Which lines of the data below hold "contexts"? Copy each of them.

(Supplied data Opens)

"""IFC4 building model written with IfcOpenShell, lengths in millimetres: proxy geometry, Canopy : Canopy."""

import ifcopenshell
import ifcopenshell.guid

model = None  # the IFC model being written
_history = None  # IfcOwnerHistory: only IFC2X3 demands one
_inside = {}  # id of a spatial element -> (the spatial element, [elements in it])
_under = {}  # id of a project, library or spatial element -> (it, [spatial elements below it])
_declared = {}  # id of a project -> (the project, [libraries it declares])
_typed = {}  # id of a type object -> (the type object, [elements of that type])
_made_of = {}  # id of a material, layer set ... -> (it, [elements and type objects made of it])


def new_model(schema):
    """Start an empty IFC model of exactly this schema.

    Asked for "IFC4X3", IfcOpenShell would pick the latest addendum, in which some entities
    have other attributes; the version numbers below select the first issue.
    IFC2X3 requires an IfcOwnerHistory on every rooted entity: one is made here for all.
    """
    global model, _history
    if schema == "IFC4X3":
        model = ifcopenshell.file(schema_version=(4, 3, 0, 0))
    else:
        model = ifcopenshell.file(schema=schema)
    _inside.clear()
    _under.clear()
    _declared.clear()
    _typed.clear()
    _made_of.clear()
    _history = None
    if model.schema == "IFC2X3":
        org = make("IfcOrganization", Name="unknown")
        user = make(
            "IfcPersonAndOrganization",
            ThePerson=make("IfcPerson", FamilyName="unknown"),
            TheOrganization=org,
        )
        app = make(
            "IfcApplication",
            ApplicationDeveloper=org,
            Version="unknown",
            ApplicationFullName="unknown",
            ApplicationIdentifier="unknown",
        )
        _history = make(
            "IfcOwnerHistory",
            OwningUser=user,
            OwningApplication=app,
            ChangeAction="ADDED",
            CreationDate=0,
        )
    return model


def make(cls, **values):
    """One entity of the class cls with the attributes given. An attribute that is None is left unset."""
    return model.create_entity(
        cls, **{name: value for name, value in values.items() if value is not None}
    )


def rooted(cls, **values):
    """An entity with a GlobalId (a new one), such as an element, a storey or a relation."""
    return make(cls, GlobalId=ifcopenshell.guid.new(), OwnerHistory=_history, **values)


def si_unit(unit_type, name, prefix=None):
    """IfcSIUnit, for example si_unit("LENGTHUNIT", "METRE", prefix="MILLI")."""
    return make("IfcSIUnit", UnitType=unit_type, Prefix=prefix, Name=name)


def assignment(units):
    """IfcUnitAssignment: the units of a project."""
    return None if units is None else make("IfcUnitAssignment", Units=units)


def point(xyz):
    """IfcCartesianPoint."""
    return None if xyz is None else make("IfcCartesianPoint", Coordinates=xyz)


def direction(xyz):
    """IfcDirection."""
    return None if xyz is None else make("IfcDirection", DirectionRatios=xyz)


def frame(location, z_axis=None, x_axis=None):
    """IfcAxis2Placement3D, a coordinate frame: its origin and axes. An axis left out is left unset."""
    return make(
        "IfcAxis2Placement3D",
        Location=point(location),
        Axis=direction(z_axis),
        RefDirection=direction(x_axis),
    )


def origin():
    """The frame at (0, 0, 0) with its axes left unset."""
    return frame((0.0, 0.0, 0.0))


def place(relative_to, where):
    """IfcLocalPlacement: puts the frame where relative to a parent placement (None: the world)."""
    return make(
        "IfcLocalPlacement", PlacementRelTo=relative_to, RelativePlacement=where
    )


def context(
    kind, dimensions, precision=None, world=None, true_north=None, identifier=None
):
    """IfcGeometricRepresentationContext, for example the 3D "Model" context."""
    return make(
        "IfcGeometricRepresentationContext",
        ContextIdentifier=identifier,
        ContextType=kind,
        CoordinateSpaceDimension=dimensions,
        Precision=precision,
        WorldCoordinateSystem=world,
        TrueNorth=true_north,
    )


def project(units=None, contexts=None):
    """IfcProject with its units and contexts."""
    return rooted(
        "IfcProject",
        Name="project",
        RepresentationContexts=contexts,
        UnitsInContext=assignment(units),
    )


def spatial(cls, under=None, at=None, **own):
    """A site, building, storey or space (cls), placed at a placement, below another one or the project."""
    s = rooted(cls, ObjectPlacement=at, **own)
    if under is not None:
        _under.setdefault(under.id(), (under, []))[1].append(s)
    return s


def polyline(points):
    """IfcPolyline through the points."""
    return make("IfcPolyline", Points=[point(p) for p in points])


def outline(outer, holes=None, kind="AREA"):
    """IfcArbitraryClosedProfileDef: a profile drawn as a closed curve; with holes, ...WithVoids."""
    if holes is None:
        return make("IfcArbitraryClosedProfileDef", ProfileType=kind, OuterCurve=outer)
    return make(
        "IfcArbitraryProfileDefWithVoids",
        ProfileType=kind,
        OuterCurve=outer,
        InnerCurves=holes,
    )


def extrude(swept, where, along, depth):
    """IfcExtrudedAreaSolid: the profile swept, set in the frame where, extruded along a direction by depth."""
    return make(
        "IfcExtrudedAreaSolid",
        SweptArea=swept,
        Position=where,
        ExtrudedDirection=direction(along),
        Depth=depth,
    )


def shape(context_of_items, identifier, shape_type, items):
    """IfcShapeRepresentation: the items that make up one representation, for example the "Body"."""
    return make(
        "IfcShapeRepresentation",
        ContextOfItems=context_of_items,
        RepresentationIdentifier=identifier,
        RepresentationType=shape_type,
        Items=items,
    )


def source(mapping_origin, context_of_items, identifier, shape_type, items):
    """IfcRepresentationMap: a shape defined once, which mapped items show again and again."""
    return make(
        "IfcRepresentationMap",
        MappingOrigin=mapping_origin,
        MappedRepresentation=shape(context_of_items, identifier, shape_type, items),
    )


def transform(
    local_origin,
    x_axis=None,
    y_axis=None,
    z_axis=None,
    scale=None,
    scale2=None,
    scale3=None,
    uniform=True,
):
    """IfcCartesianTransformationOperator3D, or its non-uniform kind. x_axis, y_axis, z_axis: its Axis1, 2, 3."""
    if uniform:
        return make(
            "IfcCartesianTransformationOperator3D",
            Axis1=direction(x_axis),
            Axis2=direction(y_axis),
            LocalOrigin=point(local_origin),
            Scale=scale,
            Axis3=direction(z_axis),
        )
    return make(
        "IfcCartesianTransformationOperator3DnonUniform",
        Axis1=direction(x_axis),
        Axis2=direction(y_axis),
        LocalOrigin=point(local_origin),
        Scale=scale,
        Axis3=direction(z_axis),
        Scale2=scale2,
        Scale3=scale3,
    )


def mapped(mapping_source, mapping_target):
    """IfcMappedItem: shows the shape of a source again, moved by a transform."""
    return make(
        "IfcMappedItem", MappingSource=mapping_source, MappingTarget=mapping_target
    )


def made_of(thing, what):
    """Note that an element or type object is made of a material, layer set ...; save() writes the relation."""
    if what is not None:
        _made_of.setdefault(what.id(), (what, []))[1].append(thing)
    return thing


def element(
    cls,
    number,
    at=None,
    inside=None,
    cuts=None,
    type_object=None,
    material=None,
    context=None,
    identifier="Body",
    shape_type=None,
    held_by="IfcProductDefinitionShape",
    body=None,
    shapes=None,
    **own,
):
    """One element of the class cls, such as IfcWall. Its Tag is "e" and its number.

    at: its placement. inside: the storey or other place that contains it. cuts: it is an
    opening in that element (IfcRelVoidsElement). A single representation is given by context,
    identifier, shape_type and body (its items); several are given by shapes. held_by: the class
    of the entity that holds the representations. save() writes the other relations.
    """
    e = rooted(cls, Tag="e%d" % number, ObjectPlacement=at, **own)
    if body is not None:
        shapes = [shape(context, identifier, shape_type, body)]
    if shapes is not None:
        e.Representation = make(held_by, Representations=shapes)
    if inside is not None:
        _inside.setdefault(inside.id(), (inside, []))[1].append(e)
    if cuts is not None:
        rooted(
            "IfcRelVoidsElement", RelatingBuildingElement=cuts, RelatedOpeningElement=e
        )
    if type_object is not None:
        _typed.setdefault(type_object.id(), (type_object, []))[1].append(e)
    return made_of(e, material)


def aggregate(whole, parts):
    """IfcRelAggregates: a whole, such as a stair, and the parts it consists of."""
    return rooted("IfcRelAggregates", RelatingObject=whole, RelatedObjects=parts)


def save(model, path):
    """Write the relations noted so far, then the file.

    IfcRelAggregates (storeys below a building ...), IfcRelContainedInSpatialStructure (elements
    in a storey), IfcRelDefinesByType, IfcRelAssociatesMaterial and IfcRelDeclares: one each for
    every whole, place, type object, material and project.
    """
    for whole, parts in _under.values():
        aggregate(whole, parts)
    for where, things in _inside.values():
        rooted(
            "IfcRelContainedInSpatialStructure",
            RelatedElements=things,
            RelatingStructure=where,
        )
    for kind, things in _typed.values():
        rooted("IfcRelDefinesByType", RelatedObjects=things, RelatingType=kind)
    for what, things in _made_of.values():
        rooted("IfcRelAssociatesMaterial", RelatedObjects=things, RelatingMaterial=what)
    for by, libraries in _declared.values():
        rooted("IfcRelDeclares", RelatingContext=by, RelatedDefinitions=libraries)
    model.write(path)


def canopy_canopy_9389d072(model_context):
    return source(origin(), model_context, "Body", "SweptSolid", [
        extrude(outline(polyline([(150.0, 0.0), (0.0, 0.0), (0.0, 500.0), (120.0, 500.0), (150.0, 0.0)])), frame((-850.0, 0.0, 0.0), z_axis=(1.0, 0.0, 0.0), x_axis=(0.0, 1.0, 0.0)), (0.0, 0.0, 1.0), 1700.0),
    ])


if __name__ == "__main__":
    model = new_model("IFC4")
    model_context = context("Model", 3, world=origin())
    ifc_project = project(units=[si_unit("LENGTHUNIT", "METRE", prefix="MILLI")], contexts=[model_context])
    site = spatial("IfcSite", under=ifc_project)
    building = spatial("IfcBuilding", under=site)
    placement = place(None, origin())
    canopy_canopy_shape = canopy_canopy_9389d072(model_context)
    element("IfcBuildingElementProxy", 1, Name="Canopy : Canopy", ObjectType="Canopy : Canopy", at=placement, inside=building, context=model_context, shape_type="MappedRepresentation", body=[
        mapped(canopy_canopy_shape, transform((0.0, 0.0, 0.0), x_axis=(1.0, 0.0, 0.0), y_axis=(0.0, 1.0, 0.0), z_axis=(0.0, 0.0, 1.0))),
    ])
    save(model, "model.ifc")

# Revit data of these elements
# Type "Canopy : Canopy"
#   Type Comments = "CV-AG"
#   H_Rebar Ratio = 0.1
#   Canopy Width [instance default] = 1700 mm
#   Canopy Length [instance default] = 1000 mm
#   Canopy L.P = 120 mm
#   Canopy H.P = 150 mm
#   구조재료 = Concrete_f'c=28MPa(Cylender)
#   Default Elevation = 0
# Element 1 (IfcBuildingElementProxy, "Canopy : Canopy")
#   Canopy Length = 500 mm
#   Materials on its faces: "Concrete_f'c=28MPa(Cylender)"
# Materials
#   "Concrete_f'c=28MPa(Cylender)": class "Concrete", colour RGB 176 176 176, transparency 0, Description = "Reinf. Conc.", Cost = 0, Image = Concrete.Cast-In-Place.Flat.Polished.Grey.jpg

(Supplied data Closes)

• Expected answer
def project(units=None, contexts=None):
    """IfcProject with its units and contexts."""
        RepresentationContexts=contexts,
    ifc_project = project(units=[si_unit("LENGTHUNIT", "METRE", prefix="MILLI")], contexts=[model_context])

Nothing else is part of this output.